[TASK DIRECTIONS] Quote from the first line below through the line that contains "doc.units = ezdxf.units.MM", both included, and leave the pictures out.

** RECORDS SHOWN follows **

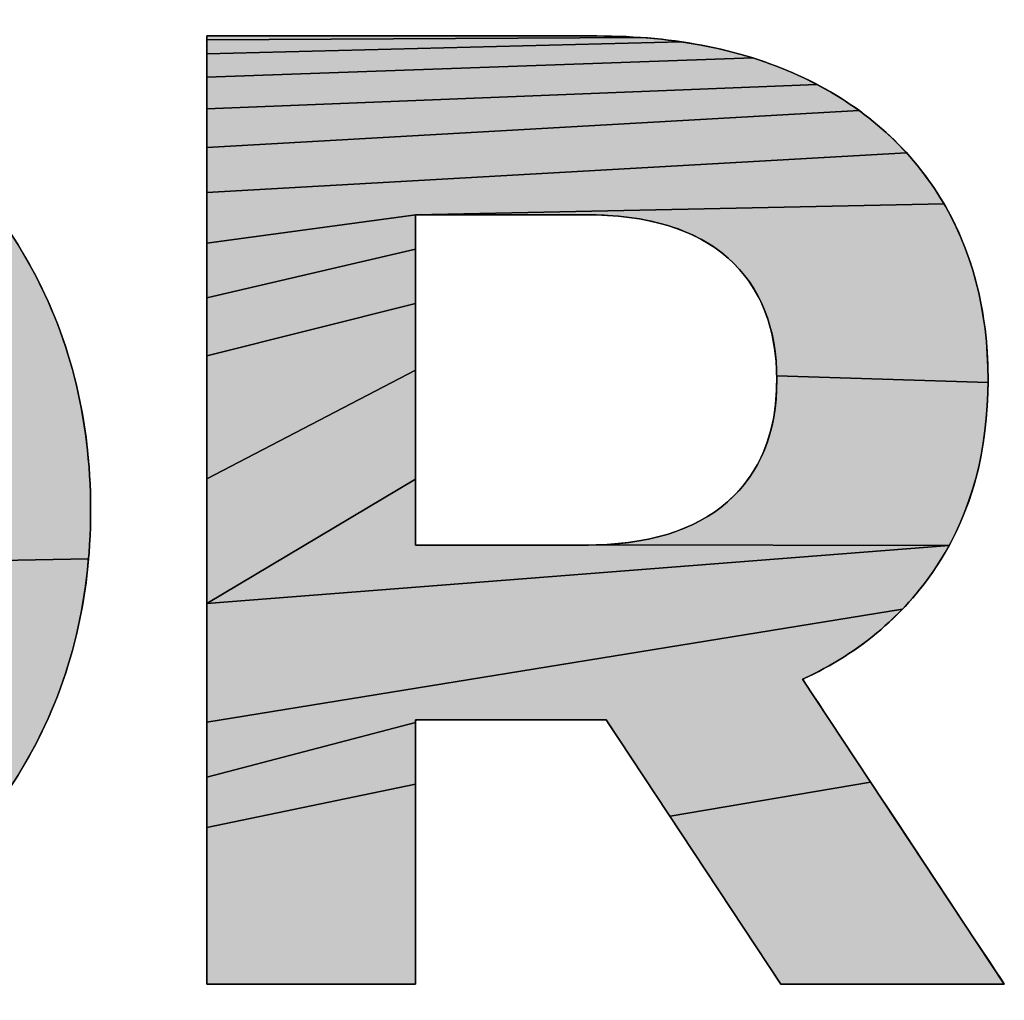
# Model space of a CAD drawing. Header units: millimetres. Extents: x 0 to 594, y 0 to 420.
# Tile 16 of 32: x 530.97 to 533.66, y 75.31 to 77.98. Entities that reach past the tile are written whole.
import ezdxf

# ---------------------------------------------------------------- set-up
doc = ezdxf.new("R2010")
doc.units = ezdxf.units.MM
doc.header["$LTSCALE"] = 32.67
doc.layers.add('00_TOPRB0400WD-FORMAT', color=7, linetype='CONTINUOUS')

# ---------------------------------------------------------------- blocks, each defined once
blk = doc.blocks.new('MXON2_BL1', base_point=(539.2174, 80.0821))
at = {"layer": '00_TOPRB0400WD-FORMAT', "linetype": 'Continuous'}
for points in [[(532.6127, 77.9367), (532.6676, 77.9337), (531.4812, 77.9273), (531.4812, 77.9361), (531.4814, 77.938), (531.489, 77.938), (531.5078, 77.938), (531.5367, 77.938), (531.5744, 77.938), (531.62, 77.938), (531.7305, 77.938), (531.8592, 77.938), (531.9977, 77.938), (532.137, 77.938), (532.2686, 77.938), (532.3837, 77.938), (532.4324, 77.938), (532.4736, 77.938), (532.5064, 77.938), (532.5296, 77.938), (532.5564, 77.938)], [(532.7212, 77.9289), (532.7735, 77.9223), (531.4812, 77.889), (531.4812, 77.9273), (532.6676, 77.9337)], [(532.9225, 77.8919), (532.9696, 77.8782), (531.4812, 77.8257), (531.4812, 77.889), (532.7735, 77.9223), (532.8245, 77.9139), (532.8742, 77.9038)], [(533.1029, 77.8265), (533.1445, 77.8059), (531.4812, 77.7398), (531.4812, 77.8257), (532.9696, 77.8782), (533.0153, 77.8628), (533.0597, 77.8455)], [(533.2228, 77.76), (533.2594, 77.7349), (531.4812, 77.6341), (531.4812, 77.7398), (533.1445, 77.8059), (533.1845, 77.7837)], [(533.3589, 77.6505), (533.3888, 77.6194), (531.4812, 77.5113), (531.4812, 77.6341), (533.2594, 77.7349), (533.2942, 77.7083), (533.3274, 77.6801)], [(533.4681, 77.5173), (533.4911, 77.4803), (532.051, 77.4509), (531.4812, 77.3738), (531.4812, 77.5113), (533.3888, 77.6194), (533.4169, 77.5869), (533.4433, 77.5528)], [(530.0492, 77.4406), (530.8949, 77.4719), (530.9307, 77.4224), (530.9645, 77.3709), (530.9961, 77.3173), (531.0253, 77.2622), (531.0516, 77.206), (531.0752, 77.1486), (531.096, 77.09), (531.114, 77.0302), (531.1292, 76.9692), (531.1417, 76.907), (531.1514, 76.8436), (531.1583, 76.7791), (531.1625, 76.7133), (531.1639, 76.6464), (531.1625, 76.5794), (531.1583, 76.5135), (530.5784, 76.502), (530.5831, 76.5422), (530.5863, 76.5833), (530.5879, 76.6251), (530.5879, 76.6676), (530.5863, 76.7094), (530.5831, 76.7504), (530.5784, 76.7905), (530.5721, 76.8299), (530.5642, 76.8684), (530.5548, 76.9062), (530.5437, 76.9431), (530.5311, 76.9792), (530.5169, 77.0145), (530.5012, 77.049), (530.4838, 77.0826), (530.4653, 77.1152), (530.4455, 77.1464), (530.4245, 77.1762), (530.4023, 77.2048), (530.3789, 77.232), (530.3543, 77.2579), (530.3285, 77.2825), (530.3015, 77.3058), (530.2733, 77.3278), (530.2439, 77.3485), (530.2134, 77.3679), (530.1819, 77.3857), (530.1497, 77.4019), (530.1169, 77.4165), (530.0834, 77.4293)], [(532.051, 77.4509), (533.4911, 77.4803), (533.5121, 77.4421), (533.5311, 77.4026), (533.5481, 77.3619), (533.5631, 77.32), (533.576, 77.2769), (533.5869, 77.2327), (533.5958, 77.1872), (533.6026, 77.1405), (533.6074, 77.0926), (533.6102, 77.0435), (533.6109, 76.9933), (533.035, 77.0119), (533.0332, 77.0505), (533.0291, 77.0875), (533.0226, 77.1228), (533.0138, 77.1565), (533.0027, 77.1884), (532.9893, 77.2187), (532.9736, 77.2474), (532.9556, 77.2743), (532.9352, 77.2996), (532.9125, 77.3232), (532.8876, 77.345), (532.8605, 77.3648), (532.8312, 77.3826), (532.7997, 77.3983), (532.766, 77.412), (532.7301, 77.4236), (532.692, 77.4332), (532.6517, 77.4407), (532.6093, 77.4461), (532.5646, 77.4495), (532.5178, 77.4509), (532.5025, 77.4509), (532.4906, 77.4509), (532.4741, 77.4509), (532.4538, 77.4509), (532.43, 77.4509), (532.3746, 77.4509), (532.3124, 77.4509), (532.248, 77.4509), (532.1858, 77.4509), (532.1304, 77.4509), (532.1067, 77.4509), (532.0863, 77.4509), (532.0698, 77.4509), (532.0579, 77.4509)], [(532.0495, 77.3939), (532.0495, 77.3572), (531.4812, 77.2245), (531.4812, 77.3738), (532.051, 77.4509), (532.0495, 77.4504), (532.0495, 77.4473), (532.0495, 77.4415), (532.0495, 77.4223)], [(532.0495, 77.2639), (532.0495, 77.2094), (531.4812, 77.0659), (531.4812, 77.2245), (532.0495, 77.3572), (532.0495, 77.3135)], [(532.0495, 77.1511), (532.0495, 77.0276), (531.4812, 76.7315), (531.4812, 77.0659), (532.0495, 77.2094)], [(532.0495, 76.7839), (532.0495, 76.73), (531.4812, 76.3918), (531.4812, 76.7315), (532.0495, 77.0276), (532.0495, 76.9023), (532.0495, 76.8417)], [(533.0345, 76.9724), (533.035, 77.0119), (533.6109, 76.9933), (533.6096, 76.9434), (533.6062, 76.8947), (533.6007, 76.8472), (533.5932, 76.801), (533.5837, 76.7561), (533.572, 76.7123), (533.5583, 76.6698), (533.5426, 76.6285), (533.5247, 76.5885), (533.5048, 76.5497), (532.5444, 76.5509), (532.5894, 76.5534), (532.6323, 76.558), (532.6731, 76.5646), (532.7118, 76.5732), (532.7485, 76.5839), (532.783, 76.5967), (532.8155, 76.6116), (532.8459, 76.6285), (532.8742, 76.6475), (532.9005, 76.6685), (532.9244, 76.6914), (532.9461, 76.7159), (532.9653, 76.7421), (532.9822, 76.77), (532.9968, 76.7995), (533.009, 76.8308), (533.0189, 76.8636), (533.0265, 76.8982), (533.0317, 76.9345)], [(532.5109, 76.5504), (532.5211, 76.5504), (532.5444, 76.5509), (533.5048, 76.5497), (531.4812, 76.3918), (532.0495, 76.73), (532.0495, 76.6811), (532.0495, 76.6384), (532.0495, 76.6028), (532.0495, 76.5756), (532.0495, 76.5578), (532.0495, 76.5528), (532.0495, 76.5505), (532.0516, 76.5504), (532.0593, 76.5504), (532.0719, 76.5504), (532.0889, 76.5504), (532.1099, 76.5504), (532.1341, 76.5504), (532.161, 76.5504), (532.2208, 76.5504), (532.2848, 76.5504), (532.3485, 76.5504), (532.4074, 76.5504), (532.4336, 76.5504), (532.4569, 76.5504), (532.4768, 76.5504), (532.4926, 76.5504), (532.5039, 76.5504), (532.51, 76.5504)], [(533.4064, 76.4078), (533.3775, 76.376), (531.4812, 76.068), (531.4812, 76.3918), (533.5048, 76.5497), (533.4829, 76.5121), (533.4591, 76.4758), (533.4336, 76.441)], [(530.5784, 76.502), (531.1583, 76.5135), (531.1514, 76.4489), (531.1417, 76.3855), (531.1292, 76.3233), (531.114, 76.2623), (531.096, 76.2025), (531.0752, 76.1439), (531.0516, 76.0864), (531.0253, 76.0302), (530.9961, 75.9752), (530.9645, 75.9216), (530.9307, 75.87), (530.8949, 75.8206), (530.857, 75.7732), (530.8171, 75.7279), (528.8411, 75.706), (528.8003, 75.7503), (528.7616, 75.7966), (529.83, 75.8195), (529.8682, 75.8207), (529.9057, 75.8236), (529.9426, 75.8282), (529.9788, 75.8344), (530.0143, 75.8423), (530.0492, 75.8519), (530.0834, 75.8631), (530.1169, 75.876), (530.1497, 75.8905), (530.1819, 75.9067), (530.2134, 75.9246), (530.2439, 75.944), (530.2733, 75.9647), (530.3015, 75.9867), (530.3285, 76.01), (530.3543, 76.0346), (530.3789, 76.0606), (530.4023, 76.0878), (530.4245, 76.1164), (530.4455, 76.1462), (530.4653, 76.1774), (530.4838, 76.2098), (530.5012, 76.2435), (530.5169, 76.278), (530.5311, 76.3132), (530.5437, 76.3494), (530.5548, 76.3863), (530.5642, 76.4241), (530.5721, 76.4626)], [(532.0509, 76.0741), (532.0495, 76.0674), (531.4812, 75.9186), (531.4812, 76.068), (533.3775, 76.376), (533.347, 76.3458), (533.3149, 76.3171), (533.281, 76.2899), (533.2455, 76.2642), (533.2083, 76.2401), (533.1695, 76.2174), (533.129, 76.1963), (533.1081, 76.1863), (533.1074, 76.1814), (533.1156, 76.1692), (533.1291, 76.1488), (533.1473, 76.1212), (533.1698, 76.0872), (533.2253, 76.0035), (533.2908, 75.9046), (532.7438, 75.8116), (532.6857, 75.8995), (532.6355, 75.9753), (532.5971, 76.0333), (532.5836, 76.0537), (532.5745, 76.0674), (532.5704, 76.0737), (532.5701, 76.0741), (532.5691, 76.0741), (532.5672, 76.0741), (532.5647, 76.0741), (532.5616, 76.0741), (532.5583, 76.0741), (532.5548, 76.0741), (532.5516, 76.0741), (532.5487, 76.0741), (532.5463, 76.0741), (532.5448, 76.0741), (532.5442, 76.0741), (532.5334, 76.0741), (532.5036, 76.0741), (532.4589, 76.0741), (532.4033, 76.0741), (532.341, 76.0741), (532.2759, 76.0741), (532.212, 76.0741), (532.1536, 76.0741), (532.1046, 76.0741), (532.069, 76.0741)], [(532.0495, 75.9753), (532.0495, 75.8995), (531.4812, 75.7812), (531.4812, 75.9186), (532.0495, 76.0674), (532.0495, 76.0333)], [(532.0495, 75.8116), (532.0495, 75.7177), (532.0495, 75.6235), (532.0495, 75.535), (532.0495, 75.4581), (532.0495, 75.3987), (532.0495, 75.3626), (532.0495, 75.3552), (532.0484, 75.3544), (532.0293, 75.3544), (531.9897, 75.3544), (531.9343, 75.3544), (531.8678, 75.3544), (531.7948, 75.3544), (531.72, 75.3544), (531.648, 75.3544), (531.5834, 75.3544), (531.531, 75.3544), (531.4955, 75.3544), (531.4813, 75.3544), (531.4812, 75.3563), (531.4812, 75.3652), (531.4812, 75.4034), (531.4812, 75.4668), (531.4812, 75.5526), (531.4812, 75.6583), (531.4812, 75.7812), (532.0495, 75.8995)], [(533.2908, 75.9046), (533.362, 75.7971), (533.4344, 75.6879), (533.5033, 75.5838), (533.5644, 75.4916), (533.6131, 75.4182), (533.6313, 75.3906), (533.6448, 75.3702), (533.653, 75.3579), (533.6552, 75.3544), (533.64, 75.3544), (533.6019, 75.3544), (533.5457, 75.3544), (533.4766, 75.3544), (533.3994, 75.3544), (533.3192, 75.3544), (533.2409, 75.3544), (533.1696, 75.3544), (533.1103, 75.3544), (533.0678, 75.3544), (533.0473, 75.3544), (533.0457, 75.3552), (533.0408, 75.3626), (533.031, 75.3774), (533.0169, 75.3987), (532.9776, 75.4581), (532.9267, 75.535), (532.8682, 75.6235), (532.8059, 75.7177), (532.7438, 75.8116)]]:
    blk.add_hatch(color=2, dxfattribs=at).paths.add_polyline_path(points)
at = {"layer": '00_TOPRB0400WD-FORMAT', "color": 2, "linetype": 'Continuous'}
for points in [[(532.6127, 77.9367), (532.6676, 77.9337), (531.4812, 77.9273), (531.4812, 77.9361), (531.4814, 77.938), (531.489, 77.938), (531.5078, 77.938), (531.5367, 77.938), (531.5744, 77.938), (531.62, 77.938), (531.7305, 77.938), (531.8592, 77.938), (531.9977, 77.938), (532.137, 77.938), (532.2686, 77.938), (532.3837, 77.938), (532.4324, 77.938), (532.4736, 77.938), (532.5064, 77.938), (532.5296, 77.938), (532.5564, 77.938), (532.6127, 77.9367)], [(532.7212, 77.9289), (532.7735, 77.9223), (531.4812, 77.889), (531.4812, 77.9273), (532.6676, 77.9337), (532.7212, 77.9289)], [(532.9225, 77.8919), (532.9696, 77.8782), (531.4812, 77.8257), (531.4812, 77.889), (532.7735, 77.9223), (532.8245, 77.9139), (532.8742, 77.9038), (532.9225, 77.8919)], [(533.1029, 77.8265), (533.1445, 77.8059), (531.4812, 77.7398), (531.4812, 77.8257), (532.9696, 77.8782), (533.0153, 77.8628), (533.0597, 77.8455), (533.1029, 77.8265)], [(533.2228, 77.76), (533.2594, 77.7349), (531.4812, 77.6341), (531.4812, 77.7398), (533.1445, 77.8059), (533.1845, 77.7837), (533.2228, 77.76)], [(533.3589, 77.6505), (533.3888, 77.6194), (531.4812, 77.5113), (531.4812, 77.6341), (533.2594, 77.7349), (533.2942, 77.7083), (533.3274, 77.6801), (533.3589, 77.6505)], [(533.4681, 77.5173), (533.4911, 77.4803), (532.051, 77.4509), (531.4812, 77.3738), (531.4812, 77.5113), (533.3888, 77.6194), (533.4169, 77.5869), (533.4433, 77.5528), (533.4681, 77.5173)], [(530.9645, 77.3709), (530.9961, 77.3173), (531.0253, 77.2622), (531.0516, 77.206), (531.0752, 77.1486), (531.096, 77.09), (531.114, 77.0302), (531.1292, 76.9692), (531.1417, 76.907), (531.1514, 76.8436), (531.1583, 76.7791), (531.1625, 76.7133), (531.1639, 76.6464), (531.1625, 76.5794), (531.1583, 76.5135), (530.5784, 76.502)], [(532.051, 77.4509), (533.4911, 77.4803), (533.5121, 77.4421), (533.5311, 77.4026), (533.5481, 77.3619), (533.5631, 77.32), (533.576, 77.2769), (533.5869, 77.2327), (533.5958, 77.1872), (533.6026, 77.1405), (533.6074, 77.0926), (533.6102, 77.0435), (533.6109, 76.9933), (533.035, 77.0119), (533.0332, 77.0505), (533.0291, 77.0875), (533.0226, 77.1228), (533.0138, 77.1565), (533.0027, 77.1884), (532.9893, 77.2187), (532.9736, 77.2474), (532.9556, 77.2743), (532.9352, 77.2996), (532.9125, 77.3232), (532.8876, 77.345), (532.8605, 77.3648), (532.8312, 77.3826), (532.7997, 77.3983), (532.766, 77.412), (532.7301, 77.4236), (532.692, 77.4332), (532.6517, 77.4407), (532.6093, 77.4461), (532.5646, 77.4495), (532.5178, 77.4509), (532.5025, 77.4509), (532.4906, 77.4509), (532.4741, 77.4509), (532.4538, 77.4509), (532.43, 77.4509), (532.3746, 77.4509), (532.3124, 77.4509), (532.248, 77.4509), (532.1858, 77.4509), (532.1304, 77.4509), (532.1067, 77.4509), (532.0863, 77.4509), (532.0698, 77.4509), (532.0579, 77.4509), (532.051, 77.4509)], [(532.0495, 77.3939), (532.0495, 77.3572), (531.4812, 77.2245), (531.4812, 77.3738), (532.051, 77.4509), (532.0495, 77.4504), (532.0495, 77.4473), (532.0495, 77.4415), (532.0495, 77.4223), (532.0495, 77.3939)], [(532.0495, 77.2639), (532.0495, 77.2094), (531.4812, 77.0659), (531.4812, 77.2245), (532.0495, 77.3572), (532.0495, 77.3135), (532.0495, 77.2639)], [(532.0495, 77.1511), (532.0495, 77.0276), (531.4812, 76.7315), (531.4812, 77.0659), (532.0495, 77.2094), (532.0495, 77.1511)], [(532.0495, 76.7839), (532.0495, 76.73), (531.4812, 76.3918), (531.4812, 76.7315), (532.0495, 77.0276), (532.0495, 76.9023), (532.0495, 76.8417), (532.0495, 76.7839)], [(533.0345, 76.9724), (533.035, 77.0119), (533.6109, 76.9933), (533.6096, 76.9434), (533.6062, 76.8947), (533.6007, 76.8472), (533.5932, 76.801), (533.5837, 76.7561), (533.572, 76.7123), (533.5583, 76.6698), (533.5426, 76.6285), (533.5247, 76.5885), (533.5048, 76.5497), (532.5444, 76.5509), (532.5894, 76.5534), (532.6323, 76.558), (532.6731, 76.5646), (532.7118, 76.5732), (532.7485, 76.5839), (532.783, 76.5967), (532.8155, 76.6116), (532.8459, 76.6285), (532.8742, 76.6475), (532.9005, 76.6685), (532.9244, 76.6914), (532.9461, 76.7159), (532.9653, 76.7421), (532.9822, 76.77), (532.9968, 76.7995), (533.009, 76.8308), (533.0189, 76.8636), (533.0265, 76.8982), (533.0317, 76.9345), (533.0345, 76.9724)], [(532.5109, 76.5504), (532.5211, 76.5504), (532.5444, 76.5509), (533.5048, 76.5497), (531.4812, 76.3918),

** End of RECORDS SHOWN **

[SOLUTION BELOW]
# Model space of a CAD drawing. Header units: millimetres. Extents: x 0 to 594, y 0 to 420.
# Tile 16 of 32: x 530.97 to 533.66, y 75.31 to 77.98. Entities that reach past the tile are written whole.
import ezdxf

# ---------------------------------------------------------------- set-up
doc = ezdxf.new("R2010")
doc.units = ezdxf.units.MM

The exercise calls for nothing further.